Please use two space indendation consistenly and remove empty lines and whitespaces, here and elsewhere.

::: dom/security/test/csp/file_frame_b.html:10
(Diff revision 1)
> +          parent.parent.postMessage({call: "frameLoaded", testname: "frame_b", uri: window.location.toString()}, "*");
> +    </script>
> +  </head>
> +  <body>
> +
> +    <tt>  IFRAME D</tt><br/>

this file is named *frame_b.html but here it's named 'IFRAME D' - please make that consistent here and elsewhere.

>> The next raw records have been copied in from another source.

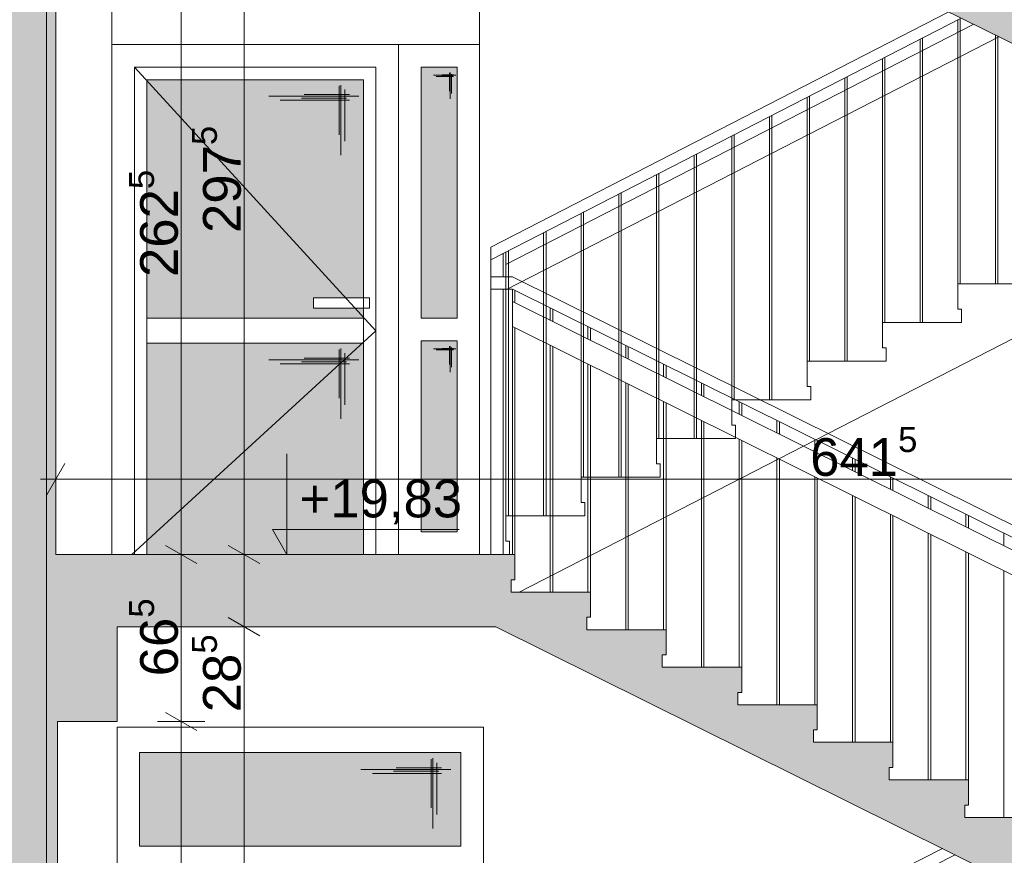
# Paper-space layout 'A-15 INWENTARYZACJA - PRZEKRÓJ' of a CAD drawing. Header units: millimetres. Extents: x 0 to 594, y 0 to 550.
# Tile 52 of 62: x 475 to 514, y 348 to 381. Entities that reach past the tile are written whole.
import ezdxf
from ezdxf.xclip import XClip

# ---------------------------------------------------------------- set-up
doc = ezdxf.new("R2010")
doc.units = ezdxf.units.MM
doc.header["$MEASUREMENT"] = 0
doc.header["$XCLIPFRAME"] = 0
doc.linetypes.add('DASHDOTX2', pattern=[1000, 500, -250, 0, -250])
doc.linetypes.add('VERDECKT', pattern=[381, 254, -127])
for name, color, linetype, lineweight, true_color in [('A__balustrada_Nr_pióra__161', 7, 'Continuous', 5, 0x949494), ('A_osie_Nr_pióra__16', 7, 'Continuous', 5, 0x0f0f0f), ('A_pochwyt_Nr_pióra__161', 7, 'Continuous', 5, 0x949494), ('A_schody_Nr_pióra__9', 7, 'Continuous', 13, 0xadadad), ('A_stolarka_Nr_pióra__254', 7, 'Continuous', 5, 0xfdfdfd), ('A_stolarka_Nr_pióra__9', 7, 'Continuous', 13, 0xadadad), ('A_widok_Nr_pióra__121', 7, 'Continuous', 5, 0xcacaca)]:
    doc.layers.add(name, color=color, linetype=linetype, lineweight=lineweight, true_color=true_color)
doc.layers.add('A_podrys', color=7, linetype='Continuous')
doc.layers.add('A_stolarka', color=7, linetype='Continuous')
for name, color, linetype, lineweight in [('A_schody_Nr_pióra__1', 7, 'Continuous', 20), ('A_strop_Nr_pióra__1', 7, 'Continuous', 20), ('A_wymiary_Nr_pióra__1', 7, 'Continuous', 20), ('A_wymiary_Nr_pióra__2', 8, 'Continuous', 13), ('A_ściany_Nr_pióra__1', 7, 'Continuous', 20)]:
    doc.layers.add(name, color=color, linetype=linetype, lineweight=lineweight)
doc.styles.add('STYL_AUTOMATYCZNY_1', font='arial.ttf')
doc.styles.add('STYL_AUTOMATYCZNY_4', font='arial.ttf')

# ---------------------------------------------------------------- blocks, each defined once
blk = doc.blocks.new('Rysunek_2_2', base_point=(-1563.001, -181.131))
at = {"linetype": 'Continuous', "lineweight": 0, "true_color": 0x000000}
h = blk.add_hatch(color=18, dxfattribs=at)
h.paths.add_polyline_path([(78.971, 521.258), (82.471, 521.258), (82.471, 526.771), (144.471, 526.771), (144.471, 492.058), (128.571, 492.058), (128.571, 487.833), (144.178, 487.833), (144.178, 485.033), (148.171, 485.033), (148.171, 458.833), (128.921, 458.833), (128.921, 459.335), (129.071, 459.335), (129.071, 460.335), (125.881, 460.335), (125.881, 460.838), (126.031, 460.838), (126.031, 461.838), (122.841, 461.838), (122.841, 462.34), (122.991, 462.34), (122.991, 463.34), (119.801, 463.34), (119.801, 463.842), (119.951, 463.842), (119.951, 464.842), (116.761, 464.842), (116.761, 465.345), (116.911, 465.345), (116.911, 466.345), (113.721, 466.345), (113.721, 466.847), (113.871, 466.847), (113.871, 467.847), (110.681, 467.847), (110.681, 468.349), (110.831, 468.349), (110.831, 469.349), (107.641, 469.349), (107.641, 469.851), (107.791, 469.851), (107.791, 470.851), (104.601, 470.851), (104.601, 471.354), (104.751, 471.354), (104.751, 472.354), (101.561, 472.354), (101.561, 472.856), (101.711, 472.856), (101.711, 473.856), (98.521, 473.856), (98.521, 474.358), (98.671, 474.358), (98.671, 475.358), (95.471, 475.358), (82.471, 475.358), (82.471, 472.158), (98.571, 472.158), (131.1, 456.083), (143.951, 456.083), (143.951, 452.033), (147.971, 452.033), (147.971, 425.983), (128.521, 425.983), (128.521, 426.467), (128.671, 426.467), (128.671, 427.467), (125.541, 427.467), (125.541, 427.951), (125.691, 427.951), (125.691, 428.951), (122.561, 428.951), (122.561, 429.435), (122.711, 429.435), (122.711, 430.435), (119.581, 430.435), (119.581, 430.92), (119.731, 430.92), (119.731, 431.92), (116.601, 431.92), (116.601, 432.404), (116.751, 432.404), (116.751, 433.404), (113.621, 433.404), (113.621, 433.888), (113.771, 433.888), (113.771, 434.888), (110.641, 434.888), (110.641, 435.372), (110.791, 435.372), (110.791, 436.372), (107.661, 436.372), (107.661, 436.856), (107.811, 436.856), (107.811, 437.856), (104.681, 437.856), (104.681, 438.34), (104.831, 438.34), (104.831, 439.34), (101.701, 439.34), (101.701, 439.824), (101.851, 439.824), (101.851, 440.824), (98.721, 440.824), (98.721, 441.308), (98.871, 441.308), (98.871, 442.308), (98.321, 442.308), (82.471, 442.308), (82.471, 439.308), (98.4, 439.308), (130.728, 423.208), (144.291, 423.208), (144.291, 419.148), (147.671, 419.148), (147.671, 393.008), (128.121, 393.008), (128.121, 393.522), (128.271, 393.522), (128.271, 394.522), (125.181, 394.522), (125.181, 395.035), (125.331, 395.035), (125.331, 396.035), (122.241, 396.035), (122.241, 396.549), (122.391, 396.549), (122.391, 397.549), (119.301, 397.549), (119.301, 398.063), (119.451, 398.063), (119.451, 399.063), (116.361, 399.063), (116.361, 399.576), (116.511, 399.576), (116.511, 400.576), (113.421, 400.576), (113.421, 401.09), (113.571, 401.09), (113.571, 402.09), (110.481, 402.09), (110.481, 402.604), (110.631, 402.604), (110.631, 403.604), (107.541, 403.604), (107.541, 404.117), (107.691, 404.117), (107.691, 405.117), (104.601, 405.117), (104.601, 405.631), (104.751, 405.631), (104.751, 406.631), (101.661, 406.631), (101.661, 407.145), (101.811, 407.145), (101.811, 408.145), (98.721, 408.145), (98.721, 408.658), (98.871, 408.658), (98.871, 409.658), (95.671, 409.658), (82.471, 409.658), (82.471, 406.408), (98.817, 406.408), (131.205, 389.733), (143.851, 389.733), (143.851, 385.843), (147.471, 385.843), (147.471, 359.733), (128.121, 359.733), (128.121, 360.245), (128.271, 360.245), (128.271, 361.245), (125.091, 361.245), (125.091, 361.756), (125.241, 361.756), (125.241, 362.756), (122.061, 362.756), (122.061, 363.267), (122.211, 363.267), (122.211, 364.267), (119.031, 364.267), (119.031, 364.779), (119.181, 364.779), (119.181, 365.779), (116.001, 365.779), (116.001, 366.29), (116.151, 366.29), (116.151, 367.29), (112.971, 367.29), (112.971, 367.801), (113.121, 367.801), (113.121, 368.801), (109.941, 368.801), (109.941, 369.313), (110.091, 369.313), (110.091, 370.313), (106.911, 370.313), (106.911, 370.824), (107.061, 370.824), (107.061, 371.824), (103.881, 371.824), (103.881, 372.335), (104.031, 372.335), (104.031, 373.335), (100.851, 373.335), (100.851, 373.847), (101.001, 373.847), (101.001, 374.847), (97.821, 374.847), (97.821, 375.358), (97.971, 375.358), (97.971, 376.358), (94.771, 376.358), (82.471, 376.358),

::: dom/security/test/csp/file_frame_d.html^headers^:1
(Diff revision 1)
> +Content-Security-Policy: default-src 'none'; frame-ancestors http://sampleuser:samplepass@example.com/ ; script-src 'self';

I would prefer if we could add that testcase of:

frame-ancestors http://sampleuser:samplepass@example.com/ 

to the compiled CSP Parser tests - here:
https://dxr.mozilla.org/mozilla-central/source/dom/security/test/gtest/TestCSPParser.cpp#801

::: dom/security/test/csp/mochitest.ini:35
(Diff revision 1)
>    file_evalscript_main_allowed.html^headers^
>    file_frameancestors_main.html
>    file_frameancestors_main.js
>    file_frameancestors.sjs
>    file_frameancestors_userpass.html
> -  file_frameancestors_userpass.js
> +  file_frame_a.html

nit: please prefix the helper files with the same naming as the actual tests:
e.g.
test_frameancestors_userpass.html
then helper files should be named:
file_frameancestors_userpass_frame_a.html
...

::: dom/security/test/csp/test_frameancestors_userpass.html:98
(Diff revision 1)
>  // -- we can't determine *which* frame was blocked, but at least we can count them
>  var frameBlocked = function(uri, policy) {
> -  //ok(true, 'a CSP policy blocked frame from being loaded: ' + policy);
> +
> +  //Check if @ symbol is there in URI or in csp policy.
> +  if(policy.includes('@') || uri.includes('@'))
> +  {

nit: curly braces goes on same line as if and please add a space between if and the opening bracket:
if (...) {

::: dom/security/test/csp/test_frameancestors_userpass.html:101
(Diff revision 1)
> +  //Check if @ symbol is there in URI or in csp policy.
> +  if(policy.includes('@') || uri.includes('@'))
> +  {
> +    ok(false, ' a CSP policy blocked frame from being loaded. But contains userpass. Policy is: ' + policy + ';URI is: ' + uri );
> +  }
> +  else {

nit: else goes on same line as curly brace:
} else {
  ...
}

::: dom/security/test/csp/test_frameancestors_userpass.html:103
(Diff revision 1)
> +  {
> +    ok(false, ' a CSP policy blocked frame from being loaded. But contains userpass. Policy is: ' + policy + ';URI is: ' + uri );
> +  }
> +  else {
> +    ok(true, ' a CSP policy blocked frame from being loaded. Doesn\'t contain userpass. Policy is: ' + policy + ';URI is: ' + uri );
> +  }

nit: lines should respect the 80 char limit here and elsewhere.
Attachment #8903649 - Flags: review?(ckerschb)
Nit: whenever uploading a new patch, please mark the outdated patches as obsolete - thanks!
Assignee: nobody → cegvinoth
Status: NEW → ASSIGNED
Priority: P3 → P2
Whiteboard: [domsecurity-backlog1] → [domsecurity-active]
Attachment #8902695 - Attachment is obsolete: true
Attachment #8902694 - Attachment is obsolete: true
Attachment #8902694 - Attachment is obsolete: true
Attachment #8902695 - Attachment is obsolete: true
Attachment #8903649 - Attachment is obsolete: true
(In reply to Christoph Kerschbaumer [:ckerschb] from comment #15)
> Comment on attachment 8903649 [details]
> Bug 1370468 - Tests for userpass in frame ancestor added
> 
> https://reviewboard.mozilla.org/r/175424/#review180758
> 
> This is getting really close. Just a few more nits and we are ready to go.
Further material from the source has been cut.